The Wizard jerked his hand away from Blade's temple as if it had suddenly turned red-hot and leaped backward. He made no effort to grab the dagger. Instead he dropped into a wrestler's crouch and raised one hand to send the Wolves into action.
The Wolves took two steps forward. Then Blade raised the dagger and held it with the point almost touching the bare skin of his chest. At the same time he formed in his mind another image-his dead body sprawled on the floor, with the Wizard and the Wolves standing around it, gaping helplessly.
The Wolves took another step forward. Blade gulped in air, realized that he'd bitten his lips hard enough to draw blood, and forced out words.
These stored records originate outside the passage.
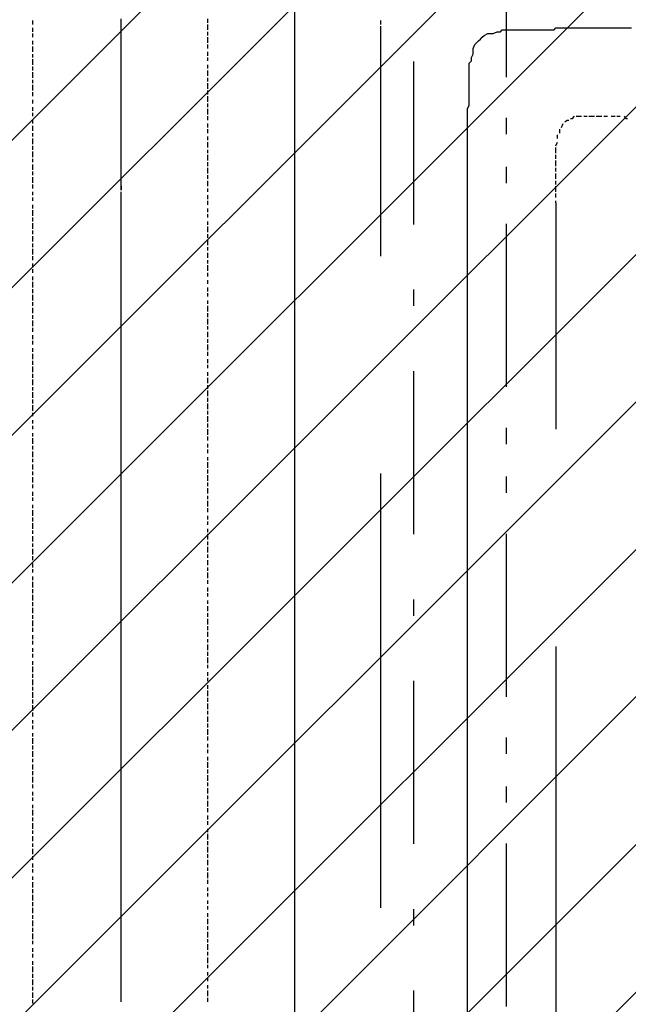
# Model space of a CAD drawing. Extents: x 997 to 109698, y 921 to 94021.
# Tile 441 of 656: x 25579 to 26978, y 40790 to 43055. Entities that reach past the tile are written whole.
import ezdxf

# ---------------------------------------------------------------- set-up
doc = ezdxf.new("R2010")
doc.units = 0
doc.header["$MEASUREMENT"] = 0
for name, color, linetype in [('12', 7, 'CONTINUOUS'), ('28', 7, 'CONTINUOUS'), ('40', 7, 'CONTINUOUS')]:
    doc.layers.add(name, color=color, linetype=linetype)

msp = doc.modelspace()

# ---------------------------------------------------------------- linework, layer by layer
at = {"layer": '12', "color": 5}
for p, q in [((26210.630503, 43234.563401), (26210.630503, 42459.563401)), ((25812.630503, 43043.563401), (25812.630503, 43056.563401)), ((25812.630503, 43035.563401), (25812.630503, 43043.563401)), ((25812.630503, 43022.563401), (25812.630503, 43035.563401)), ((26807.630503, 43031.563401), (26811.630503, 43035.563401)), ((26811.630503, 43035.563401), (26815.630503, 43035.563401)), ((26815.630503, 43035.563401), (26824.630503, 43035.563401)), ((26824.630503, 43035.563401), (26837.630503, 43035.563401)), ((26837.630503, 43035.563401), (26845.630503, 43035.563401)), ((26845.630503, 43035.563401), (26854.630503, 43035.563401)), ((26854.630503, 43035.563401), (26866.630503, 43035.563401)), ((26866.630503, 43035.563401), (26875.630503, 43035.563401)), ((26875.630503, 43035.563401), (26883.630503, 43035.563401)), ((26883.630503, 43035.563401), (26896.630503, 43035.563401)), ((26896.630503, 43035.563401), (26904.630503, 43035.563401)), ((26904.630503, 43035.563401), (26917.630503, 43035.563401)), ((26917.630503, 43035.563401), (26926.630503, 43035.563401)), ((26926.630503, 43035.563401), (26934.630503, 43035.563401)), ((26934.630503, 43035.563401), (26947.630503, 43035.563401)), ((26947.630503, 43035.563401), (26955.630503, 43035.563401)), ((26955.630503, 43035.563401), (26964.630503, 43035.563401)), ((26964.630503, 43035.563401), (26976.630503, 43035.563401)), ((26976.630503, 43035.563401), (26985.630503, 43035.563401)), ((25812.630503, 43014.563401), (25812.630503, 43022.563401)), ((25812.630503, 43005.563401), (25812.630503, 43014.563401)), ((26646.630503, 43018.563401), (26655.630503, 43022.563401)), ((26655.630503, 43022.563401), (26667.630503, 43022.563401)), ((26667.630503, 43022.563401), (26676.630503, 43026.563401)), ((26676.630503, 43026.563401), (26684.630503, 43026.563401)), ((26697.630503, 43031.563401), (26705.630503, 43031.563401)), ((26705.630503, 43031.563401), (26714.630503, 43031.563401)), ((26714.630503, 43031.563401), (26727.630503, 43031.563401)), ((26727.630503, 43031.563401), (26735.630503, 43031.563401)), ((26735.630503, 43031.563401), (26744.630503, 43031.563401)), ((26744.630503, 43031.563401), (26756.630503, 43031.563401)), ((26756.630503, 43031.563401), (26765.630503, 43031.563401)), ((26765.630503, 43031.563401), (26773.630503, 43031.563401)), ((26773.630503, 43031.563401), (26786.630503, 43031.563401)), ((26786.630503, 43031.563401), (26794.630503, 43031.563401)), ((26794.630503, 43031.563401), (26807.630503, 43031.563401)), ((25812.630503, 42992.563401), (25812.630503, 43005.563401)), ((25812.630503, 42984.563401), (25812.630503, 42992.563401)), ((26621.630503, 42988.563401), (26625.630503, 42997.563401)), ((26633.630503, 43005.563401), (26638.630503, 43009.563401)), ((25812.630503, 42975.563401), (25812.630503, 42984.563401)), ((25812.630503, 42963.563401), (25812.630503, 42975.563401)), ((26617.630503, 42967.563401), (26621.630503, 42975.563401)), ((26617.630503, 42959.563401), (26617.630503, 42967.563401)), ((26621.630503, 42975.563401), (26621.630503, 42988.563401)), ((25812.630503, 42954.563401), (25812.630503, 42963.563401)), ((25812.630503, 42946.563401), (25812.630503, 42954.563401)), ((25812.630503, 42933.563401), (25812.630503, 42946.563401)), ((26612.630503, 42937.563401), (26612.630503, 42946.563401)), ((25812.630503, 42925.563401), (25812.630503, 42933.563401)), ((25812.630503, 42916.563401), (25812.630503, 42925.563401)), ((26612.630503, 42929.563401), (26612.630503, 42937.563401)), ((26612.630503, 42916.563401), (26612.630503, 42929.563401)), ((25812.630503, 42904.563401), (25812.630503, 42916.563401)), ((25812.630503, 42895.563401), (25812.630503, 42904.563401)), ((26612.630503, 42908.563401), (26612.630503, 42916.563401)), ((26612.630503, 42899.563401), (26612.630503, 42908.563401)), ((26612.630503, 42887.563401), (26612.630503, 42899.563401)), ((25812.630503, 42882.563401), (25812.630503, 42895.563401)), ((25812.630503, 42874.563401), (25812.630503, 42882.563401)), ((26612.630503, 42878.563401), (26612.630503, 42887.563401)), ((26612.630503, 42870.563401), (26612.630503, 42878.563401)), ((25812.630503, 42865.563401), (25812.630503, 42874.563401)), ((25812.630503, 42853.563401), (25812.630503, 42865.563401)), ((26608.630503, 42849.563401), (26612.630503, 42857.563401)), ((26612.630503, 42857.563401), (26612.630503, 42870.563401)), ((25812.630503, 42844.563401), (25812.630503, 42853.563401)), ((25812.630503, 42836.563401), (25812.630503, 42844.563401)), ((25812.630503, 42823.563401), (25812.630503, 42836.563401)), ((26608.630503, 42836.563401), (26608.630503, 42849.563401)), ((26608.630503, 42832.563401), (26608.630503, 42836.563401)), ((26608.630503, 42061.563401), (26608.630503, 42832.563401)), ((25812.630503, 42815.563401), (25812.630503, 42823.563401)), ((25812.630503, 42806.563401), (25812.630503, 42815.563401)), ((25812.630503, 42793.563401), (25812.630503, 42806.563401)), ((25812.630503, 42785.563401), (25812.630503, 42793.563401)), ((25812.630503, 42772.563401), (25812.630503, 42785.563401)), ((25812.630503, 42764.563401), (25812.630503, 42772.563401)), ((25812.630503, 42755.563401), (25812.630503, 42764.563401)), ((25812.630503, 42743.563401), (25812.630503, 42755.563401)), ((25812.630503, 42734.563401), (25812.630503, 42743.563401)), ((25812.630503, 42726.563401), (25812.630503, 42734.563401)), ((25812.630503, 42713.563401), (25812.630503, 42726.563401)), ((25812.630503, 42705.563401), (25812.630503, 42713.563401)), ((25812.630503, 42696.563401), (25812.630503, 42705.563401)), ((25812.630503, 42683.563401), (25812.630503, 42696.563401)), ((25812.630503, 42675.563401), (25812.630503, 42683.563401)), ((25812.630503, 42662.563401), (25812.630503, 42675.563401)), ((25812.630503, 42671.563401), (25812.630503, 42662.563401)), ((25812.630503, 42645.563401), (25812.630503, 42658.563401)), ((25812.630503, 42637.563401), (25812.630503, 42645.563401)), ((25812.630503, 42628.563401), (25812.630503, 42637.563401)), ((25812.630503, 42616.563401), (25812.630503, 42628.563401)), ((25812.630503, 42607.563401), (25812.630503, 42616.563401)), ((25812.630503, 42599.563401), (25812.630503, 42607.563401)), ((25812.630503, 42586.563401), (25812.630503, 42599.563401)), ((25812.630503, 42578.563401), (25812.630503, 42586.563401)), ((25812.630503, 42569.563401), (25812.630503, 42578.563401)), ((25812.630503, 42556.563401), (25812.630503, 42569.563401)), ((25812.630503, 42548.563401), (25812.630503, 42556.563401)), ((25812.630503, 42535.563401), (25812.630503, 42548.563401)), ((25812.630503, 42527.563401), (25812.630503, 42535.563401)), ((25812.630503, 42518.563401), (25812.630503, 42527.563401)), ((25812.630503, 42506.563401), (25812.630503, 42518.563401)), ((25812.630503, 42497.563401), (25812.630503, 42506.563401)), ((25812.630503, 42489.563401), (25812.630503, 42497.563401)), ((25812.630503, 42476.563401), (25812.630503, 42489.563401)), ((25812.630503, 42467.563401), (25812.630503, 42476.563401)), ((25812.630503, 42459.563401), (25812.630503, 42467.563401)), ((25812.630503, 42446.563401), (25812.630503, 42459.563401)), ((25812.630503, 42438.563401), (25812.630503, 42446.563401)), ((26210.630503, 42459.563401), (26210.630503, 41460.563401)), ((25812.630503, 42429.563401), (25812.630503, 42438.563401)), ((25812.630503, 42417.563401), (25812.630503, 42429.563401)), ((25812.630503, 42408.563401), (25812.630503, 42417.563401)), ((25812.630503, 42396.563401), (25812.630503, 42408.563401)), ((25812.630503, 42387.563401), (25812.630503, 42396.563401)), ((25812.630503, 42379.563401), (25812.630503, 42387.563401)), ((25812.630503, 42366.563401), (25812.630503, 42379.563401)), ((25812.630503, 42357.563401), (25812.630503, 42366.563401)), ((25812.630503, 42349.563401), (25812.630503, 42357.563401)), ((25812.630503, 42336.563401), (25812.630503, 42349.563401)), ((25812.630503, 42328.563401), (25812.630503, 42336.563401)), ((25812.630503, 42319.563401), (25812.630503, 42328.563401)), ((25812.630503, 42307.563401), (25812.630503, 42319.563401)), ((25812.630503, 42298.563401), (25812.630503, 42307.563401)), ((25812.630503, 42285.563401), (25812.630503, 42298.563401)), ((25812.630503, 42277.563401), (25812.630503, 42285.563401)), ((25812.630503, 42269.563401), (25812.630503, 42277.563401)), ((25812.630503, 42256.563401), (25812.630503, 42269.563401)), ((25812.630503, 42247.563401), (25812.630503, 42256.563401)), ((25812.630503, 42239.563401), (25812.630503, 42247.563401)), ((25812.630503, 42226.563401), (25812.630503, 42239.563401)), ((25812.630503, 42218.563401), (25812.630503, 42226.563401)), ((25812.630503, 42209.563401), (25812.630503, 42218.563401)), ((25812.630503, 42197.563401), (25812.630503, 42209.563401)), ((25812.630503, 42188.563401), (25812.630503, 42197.563401)), ((25812.630503, 42175.563401), (25812.630503, 42188.563401)), ((25812.630503, 42167.563401), (25812.630503, 42175.563401)), ((25812.630503, 42158.563401), (25812.630503, 42167.563401)), ((25812.630503, 42146.563401), (25812.630503, 42158.563401)), ((25812.630503, 42137.563401), (25812.630503, 42146.563401)), ((25812.630503, 42129.563401), (25812.630503, 42137.563401)), ((25812.630503, 42116.563401), (25812.630503, 42129.563401)), ((25812.630503, 42108.563401), (25812.630503, 42116.563401)), ((25812.630503, 42099.563401), (25812.630503, 42108.563401)), ((25812.630503, 42086.563401), (25812.630503, 42099.563401)), ((25812.630503, 42078.563401), (25812.630503, 42086.563401)), ((25812.630503, 42065.563401), (25812.630503, 42078.563401)), ((25812.630503, 42057.563401), (25812.630503, 42065.563401)), ((26608.630503, 41062.563401), (26608.630503, 42061.563401)), ((25812.630503, 42048.563401), (25812.630503, 42057.563401)), ((25812.630503, 42036.563401), (25812.630503, 42048.563401)), ((25812.630503, 42027.563401), (25812.630503, 42036.563401)), ((25812.630503, 42019.563401), (25812.630503, 42027.563401)), ((25812.630503, 42006.563401), (25812.630503, 42019.563401)), ((25812.630503, 41998.563401), (25812.630503, 42006.563401)), ((25812.630503, 41989.563401), (25812.630503, 41998.563401)), ((25812.630503, 41976.563401), (25812.630503, 41989.563401)), ((25812.630503, 41968.563401), (25812.630503, 41976.563401)), ((25812.630503, 41955.563401), (25812.630503, 41968.563401)), ((25812.630503, 41947.563401), (25812.630503, 41955.563401)), ((25812.630503, 41938.563401), (25812.630503, 41947.563401)), ((25812.630503, 41926.563401), (25812.630503, 41938.563401)), ((25812.630503, 41917.563401), (25812.630503, 41926.563401)), ((25812.630503, 41909.563401), (25812.630503, 41917.563401)), ((25812.630503, 41896.563401), (25812.630503, 41909.563401)), ((25812.630503, 41888.563401), (25812.630503, 41896.563401)), ((25812.630503, 41879.563401), (25812.630503, 41888.563401)), ((25812.630503, 41866.563401), (25812.630503, 41879.563401)), ((25812.630503, 41858.563401), (25812.630503, 41866.563401)), ((25812.630503, 41849.563401), (25812.630503, 41858.563401)), ((25812.630503, 41837.563401), (25812.630503, 41849.563401)), ((25812.630503, 41828.563401), (25812.630503, 41837.563401)), ((25812.630503, 41816.563401), (25812.630503, 41828.563401)), ((25812.630503, 41807.563401), (25812.630503, 41816.563401)), ((25812.630503, 41799.563401), (25812.630503, 41807.563401)), ((25812.630503, 41786.563401), (25812.630503, 41799.563401)), ((25812.630503, 41777.563401), (25812.630503, 41786.563401)), ((25812.630503, 41769.563401), (25812.630503, 41777.563401)), ((25812.630503, 41756.563401), (25812.630503, 41769.563401)), ((25812.630503, 41748.563401), (25812.630503, 41756.563401)), ((25812.630503, 41739.563401), (25812.630503, 41748.563401)), ((25812.630503, 41727.563401), (25812.630503, 41739.563401)), ((25812.630503, 41718.563401), (25812.630503, 41727.563401)), ((25812.630503, 41705.563401), (25812.630503, 41718.563401)), ((25812.630503, 41697.563401), (25812.630503, 41705.563401)), ((25812.630503, 41689.563401), (25812.630503, 41697.563401)), ((25812.630503, 41676.563401), (25812.630503, 41689.563401)), ((25812.630503, 41667.563401), (25812.630503, 41676.563401)), ((25812.630503, 41659.563401), (25812.630503, 41667.563401)), ((25812.630503, 41646.563401), (25812.630503, 41659.563401)), ((25812.630503, 41638.563401), (25812.630503, 41646.563401)), ((25812.630503, 41629.563401), (25812.630503, 41638.563401)), ((25812.630503, 41617.563401), (25812.630503, 41629.563401)), ((25812.630503, 41608.563401), (25812.630503, 41617.563401)), ((25812.630503, 41595.563401), (25812.630503, 41608.563401)), ((25812.630503, 41587.563401), (25812.630503, 41595.563401)), ((25812.630503, 41578.563401), (25812.630503, 41587.563401)), ((25812.630503, 41566.563401), (25812.630503, 41578.563401)), ((25812.630503, 41557.563401), (25812.630503, 41566.563401)), ((25812.630503, 41549.563401), (25812.630503, 41557.563401)), ((25812.630503, 41536.563401), (25812.630503, 41549.563401)), ((25812.630503, 41528.563401), (25812.630503, 41536.563401)), ((25812.630503, 41519.563401), (25812.630503, 41528.563401)), ((25812.630503, 41507.563401), (25812.630503, 41519.563401)), ((25812.630503, 41498.563401), (25812.630503, 41507.563401)), ((25812.630503, 41485.563401), (25812.630503, 41498.563401)), ((25812.630503, 41477.563401), (25812.630503, 41485.563401)), ((25812.630503, 41468.563401), (25812.630503, 41477.563401)), ((25812.630503, 41456.563401), (25812.630503, 41468.563401)), ((25812.630503, 41447.563401), (25812.630503, 41456.563401)), ((26210.630503, 41460.563401), (26210.630503, 40461.563401)), ((25812.630503, 41439.563401), (25812.630503, 41447.563401)), ((25812.630503, 41426.563401), (25812.630503, 41439.563401)), ((25812.630503, 41418.563401), (25812.630503, 41426.563401)), ((25812.630503, 41409.563401), (25812.630503, 41418.563401)), ((25812.630503, 41396.563401), (25812.630503, 41409.563401)), ((25812.630503, 41388.563401), (25812.630503, 41396.563401)), ((25812.630503, 41375.563401), (25812.630503, 41388.563401)), ((25812.630503, 41367.563401), (25812.630503, 41375.563401)), ((25812.630503, 41358.563401), (25812.630503, 41367.563401)), ((25812.630503, 41346.563401), (25812.630503, 41358.563401)), ((25812.630503, 41337.563401), (25812.630503, 41346.563401)), ((25812.630503, 41329.563401), (25812.630503, 41337.563401)), ((25812.630503, 41316.563401), (25812.630503, 41329.563401)), ((25812.630503, 41308.563401), (25812.630503, 41316.563401)), ((25812.630503, 41299.563401), (25812.630503, 41308.563401)), ((25812.630503, 41286.563401), (25812.630503, 41299.563401)), ((25812.630503, 41278.563401), (25812.630503, 41286.563401)), ((25812.630503, 41269.563401), (25812.630503, 41278.563401)), ((25812.630503, 41257.563401), (25812.630503, 41269.563401)), ((25812.630503, 41248.563401), (25812.630503, 41257.563401)), ((25812.630503, 41236.563401), (25812.630503, 41248.563401)), ((25812.630503, 41227.563401), (25812.630503, 41236.563401)), ((25812.630503, 41219.563401), (25812.630503, 41227.563401)), ((25812.630503, 41206.563401), (25812.630503, 41219.563401)), ((25812.630503, 41198.563401), (25812.630503, 41206.563401)), ((25812.630503, 41189.563401), (25812.630503, 41198.563401)), ((25812.630503, 41176.563401), (25812.630503, 41189.563401)), ((25812.630503, 41168.563401), (25812.630503, 41176.563401)), ((25812.630503, 41159.563401), (25812.630503, 41168.563401)), ((25812.630503, 41147.563401), (25812.630503, 41159.563401)), ((25812.630503, 41138.563401), (25812.630503, 41147.563401)), ((25812.630503, 41126.563401), (25812.630503, 41138.563401)), ((25812.630503, 41117.563401), (25812.630503, 41126.563401)), ((25812.630503, 41109.563401), (25812.630503, 41117.563401)), ((25812.630503, 41096.563401), (25812.630503, 41109.563401)), ((25812.630503, 41087.563401), (25812.630503, 41096.563401)), ((25812.630503, 41079.563401), (25812.630503, 41087.563401)), ((25812.630503, 41066.563401), (25812.630503, 41079.563401)), ((25812.630503, 41058.563401), (25812.630503, 41066.563401)), ((25812.630503, 41049.563401), (25812.630503, 41058.563401)), ((25812.630503, 41037.563401), (25812.630503, 41049.563401)), ((26608.630503, 40063.563401), (26608.630503, 41062.563401)), ((25812.630503, 41028.563401), (25812.630503, 41037.563401)), ((25812.630503, 41015.563401), (25812.630503, 41028.563401)), ((25812.630503, 41007.563401), (25812.630503, 41015.563401)), ((25812.630503, 40999.563401), (25812.630503, 41007.563401)), ((25812.630503, 40986.563401), (25812.630503, 40999.563401)), ((25812.630503, 40977.563401), (25812.630503, 40986.563401)), ((25812.630503, 40969.563401), (25812.630503, 40977.563401)), ((25812.630503, 40956.563401), (25812.630503, 40969.563401)), ((25812.630503, 40948.563401), (25812.630503, 40956.563401)), ((25812.630503, 40939.563401), (25812.630503, 40948.563401)), ((25812.630503, 40927.563401), (25812.630503, 40939.563401)), ((25812.630503, 40918.563401), (25812.630503, 40927.563401)), ((25812.630503, 40905.563401), (25812.630503, 40918.563401)), ((25812.630503, 40897.563401), (25812.630503, 40905.563401)), ((25812.630503, 40888.563401), (25812.630503, 40897.563401)), ((25812.630503, 40876.563401), (25812.630503, 40888.563401)), ((25812.630503, 40867.563401), (25812.630503, 40876.563401)), ((25812.630503, 40859.563401), (25812.630503, 40867.563401)), ((25812.630503, 40846.563401), (25812.630503, 40859.563401)), ((25812.630503, 40838.563401), (25812.630503, 40846.563401)), ((25812.630503, 40829.563401), (25812.630503, 40838.563401)), ((25812.630503, 40816.563401), (25812.630503, 40829.563401)), ((25812.630503, 40808.563401), (25812.630503, 40816.563401)), ((25812.630503, 40795.563401), (25812.630503, 40808.563401))]:
    msp.add_line(p, q, dxfattribs=at)
at = {"layer": '12', "color": 1}
for p, q in [((25609.630503, 43043.563401), (25609.630503, 43052.563401)), ((25609.630503, 43026.563401), (25609.630503, 43035.563401)), ((26011.630503, 43047.563401), (26011.630503, 43056.563401)), ((26011.630503, 43031.563401), (26011.630503, 43043.563401)), ((26409.630503, 43043.563401), (26409.630503, 43052.563401)), ((26409.630503, 43035.563401), (26409.630503, 43039.563401)), ((26409.630503, 42510.563401), (26409.630503, 43035.563401)), ((25609.630503, 43014.563401), (25609.630503, 43022.563401)), ((26011.630503, 43018.563401), (26011.630503, 43026.563401)), ((26011.630503, 43001.563401), (26011.630503, 43014.563401)), ((25609.630503, 42997.563401), (25609.630503, 43005.563401)), ((25609.630503, 42980.563401), (25609.630503, 42992.563401)), ((26011.630503, 42988.563401), (26011.630503, 42997.563401)), ((25609.630503, 42967.563401), (25609.630503, 42975.563401)), ((26011.630503, 42971.563401), (26011.630503, 42980.563401)), ((26011.630503, 42959.563401), (26011.630503, 42967.563401)), ((25609.630503, 42950.563401), (25609.630503, 42963.563401)), ((25609.630503, 42937.563401), (25609.630503, 42946.563401)), ((26011.630503, 42942.563401), (26011.630503, 42950.563401)), ((25609.630503, 42920.563401), (25609.630503, 42933.563401)), ((26011.630503, 42925.563401), (26011.630503, 42937.563401)), ((25609.630503, 42908.563401), (25609.630503, 42916.563401)), ((25609.630503, 42891.563401), (25609.630503, 42904.563401)), ((26011.630503, 42912.563401), (26011.630503, 42920.563401)), ((26011.630503, 42895.563401), (26011.630503, 42908.563401)), ((25609.630503, 42878.563401), (25609.630503, 42887.563401)), ((26011.630503, 42882.563401), (26011.630503, 42891.563401)), ((26011.630503, 42865.563401), (26011.630503, 42878.563401)), ((25609.630503, 42861.563401), (25609.630503, 42870.563401)), ((26011.630503, 42853.563401), (26011.630503, 42861.563401)), ((25609.630503, 42844.563401), (25609.630503, 42853.563401)), ((25609.630503, 42832.563401), (25609.630503, 42840.563401)), ((26011.630503, 42836.563401), (26011.630503, 42849.563401)), ((26011.630503, 42823.563401), (26011.630503, 42832.563401)), ((26858.630503, 42832.563401), (26870.630503, 42832.563401)), ((26875.630503, 42832.563401), (26883.630503, 42832.563401)), ((26887.630503, 42832.563401), (26900.630503, 42832.563401)), ((26904.630503, 42832.563401), (26909.630503, 42832.563401)), ((26909.630503, 42832.563401), (26917.630503, 42832.563401)), ((26921.630503, 42832.563401), (26930.630503, 42832.563401)), ((26938.630503, 42832.563401), (26947.630503, 42832.563401)), ((26951.630503, 42832.563401), (26959.630503, 42832.563401)), ((25609.630503, 42815.563401), (25609.630503, 42823.563401)), ((25609.630503, 42798.563401), (25609.630503, 42810.563401)), ((26011.630503, 42806.563401), (26011.630503, 42815.563401)), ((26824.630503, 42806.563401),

«No,» he said. «No, Wizard. Stop them where they are, or you'll never get anything from me. I can be dead long before they reach me.»
The Wizard stiffened for a moment, then nodded. The hand went up again and the Wolves stopped. The Wizard straightened, his eyes narrowed, and Blade knew he was gathering his thoughts for another mental attack.
«No,» said Blade again. «Stay out of my mind, too. I don't like that, any more than I like the Wolves. Leave me unharmed and free, both in mind and body, or see me dead in front of you.»
«You wouldn't dare,» was the thought that came clearly from the Wizard.